Here’s my function that goes through one iteration and produces a new grid:
function iterate(p, lookup) {
let out = [];
if (p.length % 2 == 0) {
let y2 = 0
// 2x2
for(let y = 0; y < p.length; y+=2) {
for(let x = 0; x < p.length; x+=2) {
let key = p[y][x] + p[y][x+1] + p[y+1][x] + p[y+1][x+1]
if (!lookup.has(key)) throw new Error("lookup not found [" + key + "]")
let r = lookup.get(key) // will be 9 length string
out[y2] = (out[y2] || "") + r.slice(0,3)
out[y2+1] = (out[y2+1] || "") + r.slice(3,6)
out[y2+2] = (out[y2+2] || "") + r.slice(6,9)
}
y2+=3
}
}
else {
// 3x3
let y2 = 0
for(let y = 0; y < p.length; y+=3) {
for(let x = 0; x < p.length; x+=3) {
let key = p[y][x] + p[y][x+1] + p[y][x+2] + p[y+1][x] + p[y+1][x+1] + p[y+1][x+2] + p[y+2][x] + p[y+2][x+1] + p[y+2][x+2]
if (!lookup.has(key)) throw new Error("lookup not found [" + key + "]")
let r = lookup.get(key)// will be 16 length string
out[y2] = (out[y2] || "") + r.slice(0,4)
out[y2+1] = (out[y2+1] || "") + r.slice(4,8)
out[y2+2] = (out[y2+2] || "") + r.slice(8,12)
out[y2+3] = (out[y2+3] || "") + r.slice(12,16)
}
y2+=4
}
}
return out;
}
Finally the answers for parts 1 and 2 were to count how many lights were on after a certain number of iterations.
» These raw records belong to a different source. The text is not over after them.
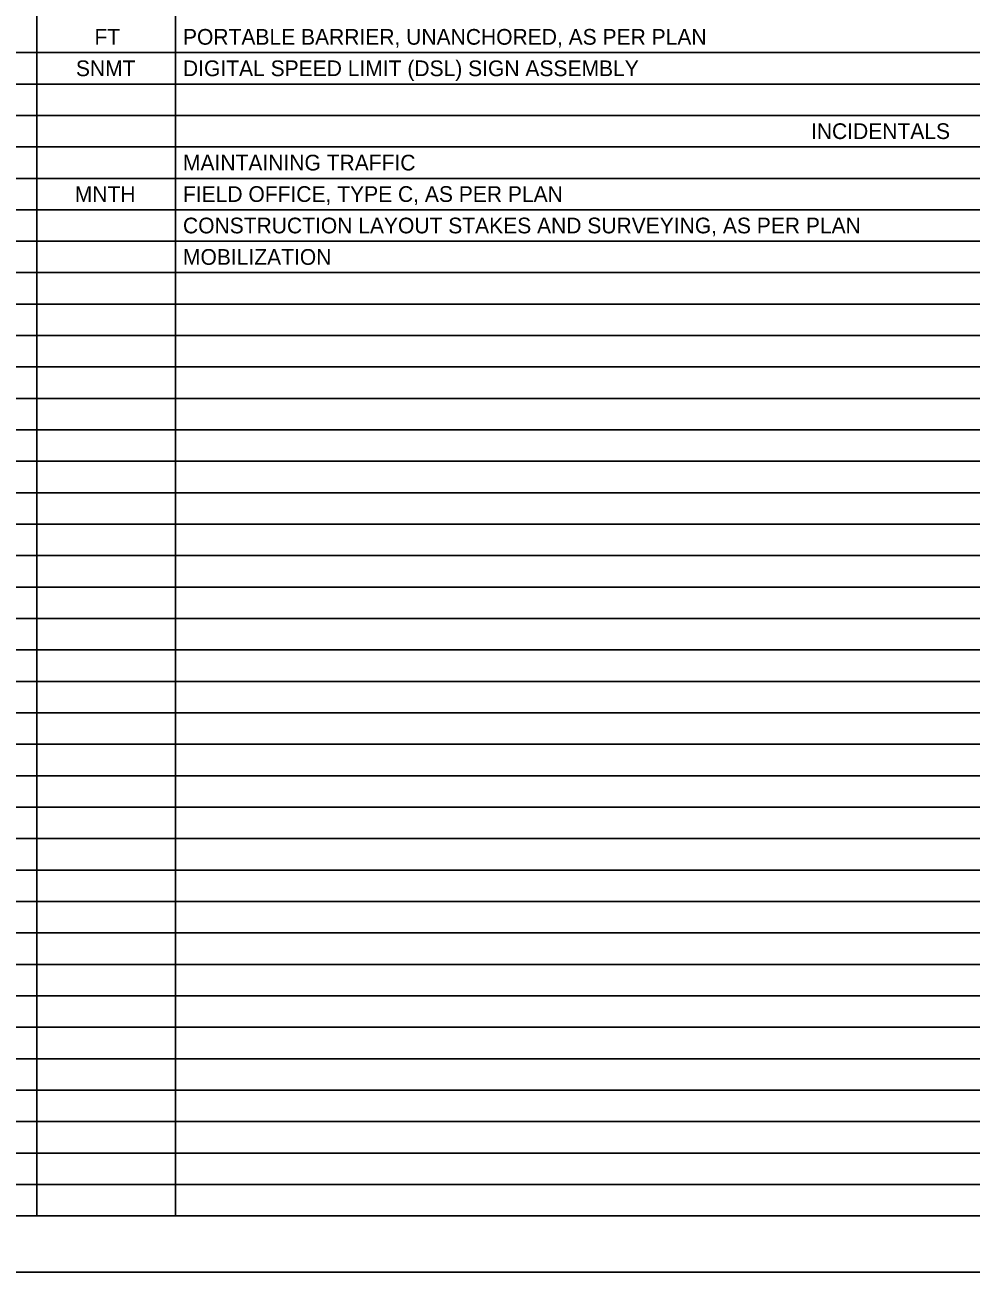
# Model space of a CAD drawing. Extents: x 0 to 34, y 0 to 22.
# Drawn here: x 17.16 to 25.58, y 0 to 11.11 of the extents above; entities that cross this region are included whole.
import ezdxf

# ---------------------------------------------------------------- set-up
doc = ezdxf.new("R2010")
doc.units = 0
for name, color, linetype in [('SH_Border', 7, 'Continuous'), ('SH_Cut_Line', 7, 'Continuous'), ('SH_Data', 7, 'Continuous'), ('SH_Text', 7, 'Continuous')]:
    doc.layers.add(name, color=color, linetype=linetype)

msp = doc.modelspace()

# ---------------------------------------------------------------- linework, layer by layer
at = {"layer": 'SH_Border'}
msp.add_lwpolyline([(1.5, 21.5), (33.5, 21.5), (33.5, 0.5), (1.5, 0.5)], close=True, dxfattribs=at)
at = {"layer": 'SH_Cut_Line'}
msp.add_lwpolyline([(0, 0), (34, 0), (34, 22), (0, 22)], close=True, dxfattribs=at)
at = {"layer": 'SH_Data'}
for p, q in [((17.262, 21.5), (17.262, 0.5)), ((18.498, 21.5), (18.498, 0.5)), ((1.5, 10.86), (32.004, 10.86)), ((1.5, 10.58), (32.004, 10.58)), ((1.5, 10.3), (32.004, 10.3)), ((1.5, 10.02), (32.004, 10.02)), ((1.5, 9.74), (32.004, 9.74)), ((1.5, 9.46), (32.004, 9.46)), ((1.5, 9.18), (32.004, 9.18)), ((1.5, 8.9), (32.004, 8.9)), ((1.5, 8.62), (32.004, 8.62)), ((1.5, 8.34), (32.004, 8.34)), ((1.5, 8.06), (32.004, 8.06)), ((1.5, 7.78), (32.004, 7.78)), ((1.5, 7.5), (32.004, 7.5)), ((1.5, 7.22), (32.004, 7.22)), ((1.5, 6.94), (32.004, 6.94)), ((1.5, 6.66), (32.004, 6.66)), ((1.5, 6.38), (32.004, 6.38)), ((1.5, 6.1), (32.004, 6.1)), ((1.5, 5.82), (32.004, 5.82)), ((1.5, 5.54), (32.004, 5.54)), ((1.5, 5.26), (32.004, 5.26)), ((1.5, 4.98), (32.004, 4.98)), ((1.5, 4.7), (32.004, 4.7)), ((1.5, 4.42), (32.004, 4.42)), ((1.5, 4.14), (32.004, 4.14)), ((1.5, 3.86), (32.004, 3.86)), ((1.5, 3.58), (32.004, 3.58)), ((1.5, 3.3), (32.004, 3.3)), ((1.5, 3.02), (32.004, 3.02)), ((1.5, 2.74), (32.004, 2.74)), ((1.5, 2.46), (32.004, 2.46)), ((1.5, 2.18), (32.004, 2.18)), ((1.5, 1.9), (32.004, 1.9)), ((1.5, 1.62), (32.004, 1.62)), ((1.5, 1.34), (32.004, 1.34)), ((1.5, 1.06), (32.004, 1.06)), ((1.5, 0.78), (32.004, 0.78)), ((1.5, 0.5), (32.004, 0.5))]:
    msp.add_line(p, q, dxfattribs=at)

# ---------------------------------------------------------------- texts
at = {"layer": 'SH_Text'}
for s, p in [('FT', (17.776, 10.93)), ('PORTABLE BARRIER, UNANCHORED, AS PER PLAN', (18.564, 10.93)), ('SNMT', (17.611, 10.65)), ('DIGITAL SPEED LIMIT (DSL) SIGN ASSEMBLY', (18.564, 10.65)), ('INCIDENTALS', (24.154, 10.09)), ('MAINTAINING TRAFFIC', (18.564, 9.81)), ('MNTH', (17.601, 9.53)), ('FIELD OFFICE, TYPE C, AS PER PLAN', (18.564, 9.53)), ('CONSTRUCTION LAYOUT STAKES AND SURVEYING, AS PER PLAN', (18.564, 9.25)), ('MOBILIZATION', (18.564, 8.97))]:
    msp.add_text(s, height=0.14, dxfattribs=at).set_placement(p)

doc.saveas('drawing.dxf')
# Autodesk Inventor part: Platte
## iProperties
Created: 2007-01
Material: Standard
Description: Blech lt. Tab.
Document SubType Name: Blech
Designer: R.Pilz
Title: Platte
Author: R.Pilz
ArtNrPrefix: HZ
ArtNrAuto: 0
EDVNum=ArtNr: 0
Bez=Mat: 0
ArtNrBackSpace: 0
EDVNrBackSpace: 0
EDVNrAuto: 0
ProdGruppe: ÜKWW
ProdBezeichnung: Blende
ArtNr: lt. Tab.
EDVNr: lt. Tab
KommaZuschnitt: 0
Zeichnungsnummer: 0G24 TE ST
Konstrukteur: R.Pilz
Erstellungsdatum: 10.01.2007
GesGewicht: 0,1kg
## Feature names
1. Abgeleiteter Körper1 [Tagging]
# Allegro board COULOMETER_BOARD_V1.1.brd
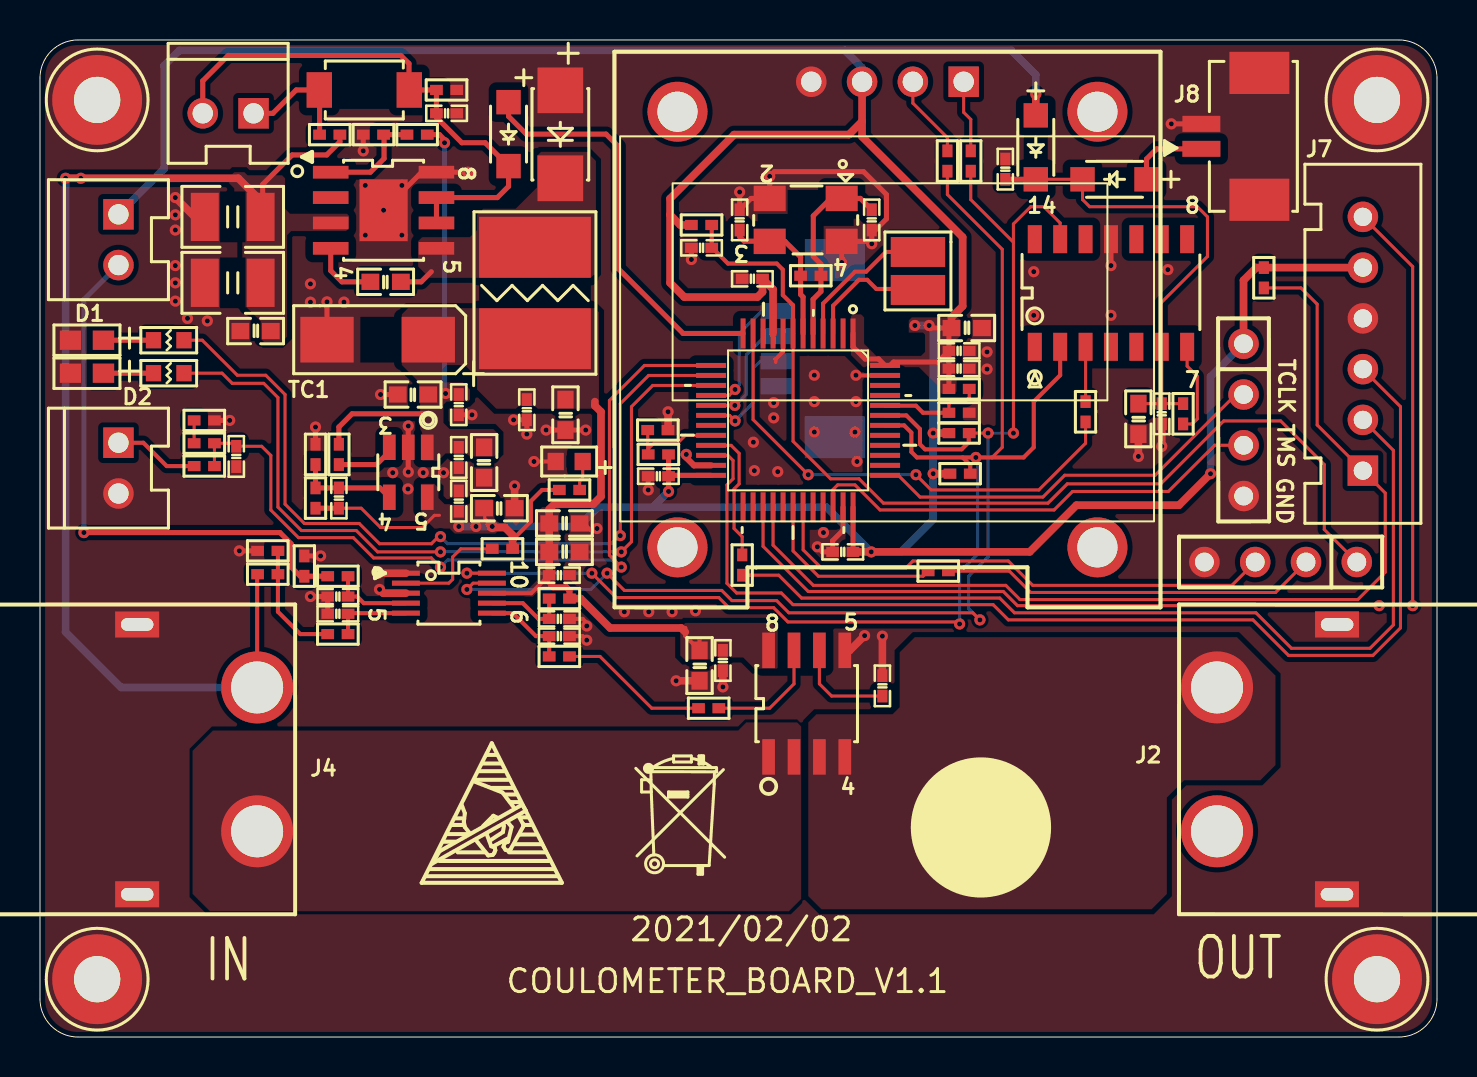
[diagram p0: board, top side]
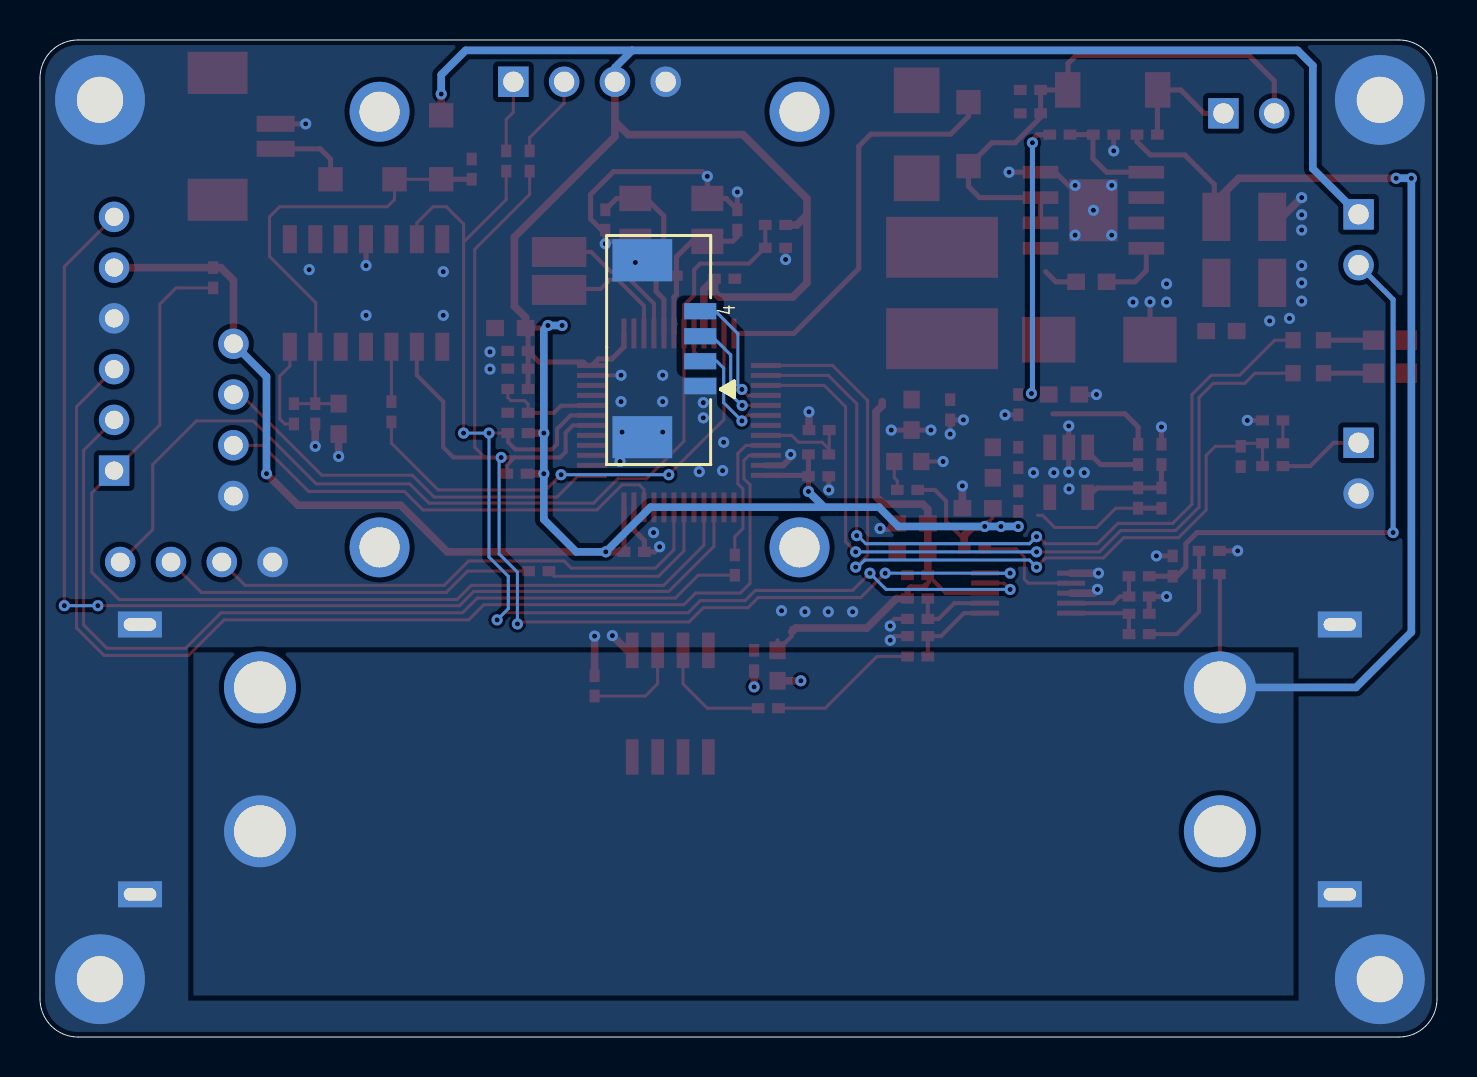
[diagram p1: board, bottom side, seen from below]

Outline 69.86 x 49.89 mm; copper layers: TOP, BOTTOM. Coordinates in mm from the lower left corner of the outline.
Outline path: 0,47.99 0,1.91 arc(0.56,0.56) 1.91,0 67.95,0 arc(69.3,0.56) 69.86,1.91 69.86,47.99 arc(69.3,49.34) 67.95,49.89 1.91,49.89 arc(0.56,49.34) 0,47.99

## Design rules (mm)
constraint set DEFAULT: min track width 0.152

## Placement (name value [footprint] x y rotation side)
C1  0.1uF/16V  [C0402]  33.08 39.49 180 top
C4  18pF/50V  [C0402]  34.99 40.89 270 top
C5  18pF/50V  [C0402]  41.59 40.89 90 top
C11  0.1uF/16V  [C0402]  35.62 37.94 180 top
C15  10uF/10V  [C0603]  46.34 35.48 180 top
C16  0.1uF/16V  [C0402]  40.14 24.28 180 top
C17  0.1uF/16V  [C0402]  45.96 34.34 0 top
C18  0.1uF/16V  [C0402]  45.96 33.45 0 top
C19  0.1uF/16V  [C0402]  30.92 28.06 180 top
C21  2.2uF/100V  [C1210]  9.64 41.04 0 top
C22  2.2uF/100V  [C1210]  9.64 37.74 0 top
C23  0.1uF/100V  [C0603]  10.78 35.33 180 top
C24  0.1uF/100V  [C0603]  17.28 37.79 0 top
C25  0.1uF/16V  [C0402]  20.94 31.64 270 top
C27  10uF/10V  [C0603]  18.65 32.15 0 top
C28  10uF/10V  [C0603]  26.27 31.14 90 top
C29  0.1uF/16V  [C0402]  24.34 31.39 270 top
C35  0.1uF/16V  [C0402]  20.33 46.22 0 top
C36  0.1uF/50V  [C0402]  34.15 18.84 270 top
C37  10uF/16V  [C0603]  32.98 18.59 90 top
C38  0.1uF/50V  [C0402]  42.12 17.57 90 top
C39  0.1uF/50V  [C0402]  25.97 23.11 0 top
C40  10uF/16V  [C0603]  26.22 25.7 180 top
C41  10uF/16V  [C0603]  26.22 24.28 180 top
C42  1nF/50V  [C0402]  14.9 21.18 180 top
C43  1nF/50V  [C0402]  14.9 22.04 180 top
C44  1nF/50V  [C0402]  25.97 20.93 0 top
C45  1nF/50V  [C0402]  25.97 20.06 0 top
C46  10uF/10V  [C0603]  54.93 30.93 90 top
C47  0.1uF/16V  [C0402]  56.09 31.19 270 top
C48  0.1uF/16V  [C0402]  48.27 43.43 90 top
C49  10uF/16V  [C0603]  22.97 26.46 0 top
C50  10uF/16V  [C0603]  22.21 28.75 270 top
C51  0.1uF/50V  [C0402]  20.94 29 270 top
C52  NC/1nF/50V  [C0402]  14.95 26.97 90 top
C53  0.1uF/50V  [C0402]  20.94 26.82 90 top
C54  1nF/50V  [C0402]  9.82 29.05 270 top
D1  Green  [D0603]  2.35 34.87 270 top
D2  Green  [D0603]  2.35 33.22 270 top
D18  MBRA340  [DO-214AC]  26.02 45.17 270 top
D19  IN4148  [SOD-123]  23.43 45.18 270 top
D20  IN4148  [SOD-123]  49.8 44.52 270 top
D21  IN4148  [SOD-123]  53.73 42.92 180 top
D22  Green  [D0603A]  26.46 28.8 180 top
J1  SIP4-100_180D_NC  [SIP_4P_100_42]  60.18 34.69 270.1 top
J2  XT60PW-M  [XT60PW]  61.86 13.89 270 top
J3  SIP4-100_180D_NC  [SIP_4P_100_42]  65.85 23.77 180 top
J4  XT60PW-F  [XT60PW]  7.86 13.89 90 top
J7  SIP_6P  [SIP6-100]  66.15 28.34 90 top
J8  -  [SMT_2PIN_1_25MM_180]  58.08 45.07 90 top
J9  SIP_2P_NC  [SIP2-100]  3.92 28.47 270 top
J10  SIP_2P_NC  [SIP2-100]  3.92 39.9 270 top
J11  SIP_2P_NC  [SIP2-100]  9.41 46.22 180 top
J12  -  [SMT_4PIN_1_25MM_90]  36.84 34.44 90 bottom
L1  33uH/1A  [PL0707]  24.75 37.23 270 top
MH1  M2-3  [M2-3_4-5]  2.86 2.89 0 top
MH2  M2-3  [M2-3_4-5]  66.86 2.89 0 top
MH3  M2-3  [M2-3_4-5]  66.86 46.89 0 top
MH4  M2-3  [M2-3_4-5]  2.86 46.89 0 top
NOREF  -  []  47.56 10.71 0 top
NOREF#2  -  []  23.28 10.71 180 bottom
NOREF#3  -  []  29.48 11.22 180 bottom
OLED1  OLED_SIP4-100  [OLED_SIP4-100_NEW]  42.38 35.4 0 top
R1  1K_1%  [R0402]  45.96 31.24 0 top
R2  4.7K_5%  [R0402]  45.96 30.22 180 top
R3  4.7K_5%  [R0402]  46.01 28.19 180 top
R4  1K_1%_NC  [R0402]  45.96 32.43 180 top
R5  4.7K_5%  [R0402]  33.08 40.64 0 top
R7  1K_1%_NC  [R0402]  30.92 29.15 0 top
R8  1K_1%  [R0402]  30.9 30.37 0 top
R9  1M_5%  [R0402]  38.54 38.1 180 top
R18  22R_5%  [R0402]  44.92 23.31 0 top
R27  330R_1%  [R0603]  6.44 34.87 0 top
R28  330R_1%  [R0603]  6.44 33.22 0 top
R29  22R_5%  [R0402]  35.11 23.62 270 top
R31  100K_1%  [R0402]  14.49 45.16 180 top
R32  22R_5%  [R0402]  46.54 43.84 270 top
R33  22R_5%  [R0402]  45.38 43.84 270 top
R34  4.7K_5%  [R0402]  20.33 47.39 0 top
R35  237K_1%  [R0402]  18.86 45.16 0 top
R36  10K_1%  [R0402]  16.67 45.16 180 top
R40  10K_1%  [R0402]  61.2 37.99 90 top
R41  1K_1%  [R0402]  8.22 29.71 180 top
R42  1K_1%  [R0402]  8.22 28.57 0 top
R43  1K_1%  [R0402]  8.22 30.86 0 top
R44  10K_1%  [R0402]  13.22 23.57 270 top
R47  22R_5%  [R0402]  33.44 16.45 180 top
R48  10K_1%  [R0402]  23.13 24.43 0 top
R51  1K_1%  [R0402]  14.9 23.06 0 top
R52  1K_1%  [R0402]  25.97 21.94 180 top
R53  1K_1%  [R0402]  14.9 20.16 0 top
R54  1K_1%  [R0402]  25.97 19.05 180 top
R57  22R_5%  [R0402]  52.28 31.29 90 top
R58  1K_1%  [R0402]  57.16 31.19 270 top
R59  100K_1%  [R0402]  14.95 29.15 270 top
R60  15K_1%  [R0402]  13.78 26.97 270 top
R61  1K_1%  [R0402]  26.48 27.38 180 top
R62  4.7K_1%  [R0402]  13.78 29.15 270 top
R63  100K_1%  [R0402]  11.39 23.16 0 top
R64  4.7K_1%  [R0402]  11.39 24.33 180 top
SW1  -  [KEY-2-180]  16.22 47.39 180 top
TC1  100uF/10V  [SMD_C6-3]  16.88 34.9 180 top
U2  STM32F103C8T6  [LQFP48]  37.91 30.86 180 top
U4  MP9485  [HSOP-8-PAD]  17.18 41.37 270 top
U5  ACS724  [SOP8-50-150]  38.34 16.68 0 top
U6  ADS1015IDGST  [VSSOP10]  20.45 22.21 270 top
U7  RX-8025  [SOP-14]  53.55 37.23 0 top
U8  AP2127K-ADJTRG1  [SOT23-5]  18.42 28.26 180 top
Y1  8MHz  [X4-0503]  38.29 40.89 180 top
Y2  32.768KHZ  [XTAL_HSX2-3225]  43.9 38.33 90 top

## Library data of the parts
C1 C11 = CAP
C4 C5 = CAP NP_3
C15 C21 C22 C27 C28 C37 C40 C41 C46 = 0_2.1uF Chip Cap
C16-C19 C23-C25 C29 C35 C36 C38 C39 C42-C45 C47 C48 C54 = CAP NP
C49-C53 = C
D1 D2 D22 = LED Green/TH
D18 = MA10702/TO_2
D19-D21 = MA10702/TO_0
J1 J3 = CONN PWR 4-R_0
J2 J4 = CONN PWR 4-R_3
J7 = SIP_0
J8 = SMT_2PIN_0-8MM
J9-J11 = SIP_1
J12 = SMT_2PIN_0: User Part Number: PART
L1 = INDUCTOR_0
MH1-MH4 = M2-7
OLED1 = CONN PWR 4-R_5
R1 R4 R7 R8 = R_4
R2 R3 R5 R27 R28 R31-R36 R40-R44 R47 R57 R58 R63 R64 = R_2
R9 R18 R29 R48 R51-R54 = R
R59 R60 R62 = R_1
R61 = R_10
SW1 = KEY-2PIN_0
TC1 = CAP P_0
U2 = STM32F103C8T6
U4 = TPS63700_2
U5 = ACS724_0
U6 = ADS1015_0
U7 = RX8025
U8 = ADP122_123
Y1 = CRYSTAL 4-PIN_1
Y2 = X_1

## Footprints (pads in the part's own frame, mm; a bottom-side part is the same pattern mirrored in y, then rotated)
C0402
  rect 0.635x0.508 smd: 1(-0.508,0) 2(0.508,0)
C0603
  rect 0.889x0.813 smd: 1(-0.762,0) 2(0.762,0)
C1210
  rect 1.397x2.413 smd: 1(-1.397,0) 2(1.397,0)
D0603
  rect 0.965x1.067 smd: 1(0,0.826) 2(0,-0.826)
D0603A
  rect 0.813x0.864 smd: 1(-0.675,0) 2(0.675,0)
DO-214AC
  rect 2.286x2.286 smd: 1(2.2,0) 2(-2.2,0)
HSOP-8-PAD
  rect 0.635x1.778 smd: 1(-1.905,-2.644) 2(-0.635,-2.644) 3(0.635,-2.644) 4(1.905,-2.644) 5(1.905,2.644) 6(0.635,2.644) 7(-0.635,2.644) 8(-1.905,2.644)
  rect 3.099x2.413 smd: 9(0,0)
KEY-2-180
  rect 1.27x1.778 smd: 1(-2.25,0) 2(2.25,0)
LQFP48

This is where my functional utilities library I’ve been building up came in handy. I can reuse my unfold
function I made yesterday to produce a sequence of new states. Then I can skip
over the desired number of repetitions and take the first
element in the resulting sequence. I can use Array.reduce
to count pixels that were left on at the end.
const repeats = (part === 1 ? 5 : 18);
let end = first(skip(unfold(start, s=>iterate(s,lookup)),repeats))
return end.reduce((a,s) => a + s.replace(/\./g,'').length,0)
I’m pleased I finally got my two stars today even if it took me longer than usual and I went a slightly tortuous route to get there. You can see the full code here.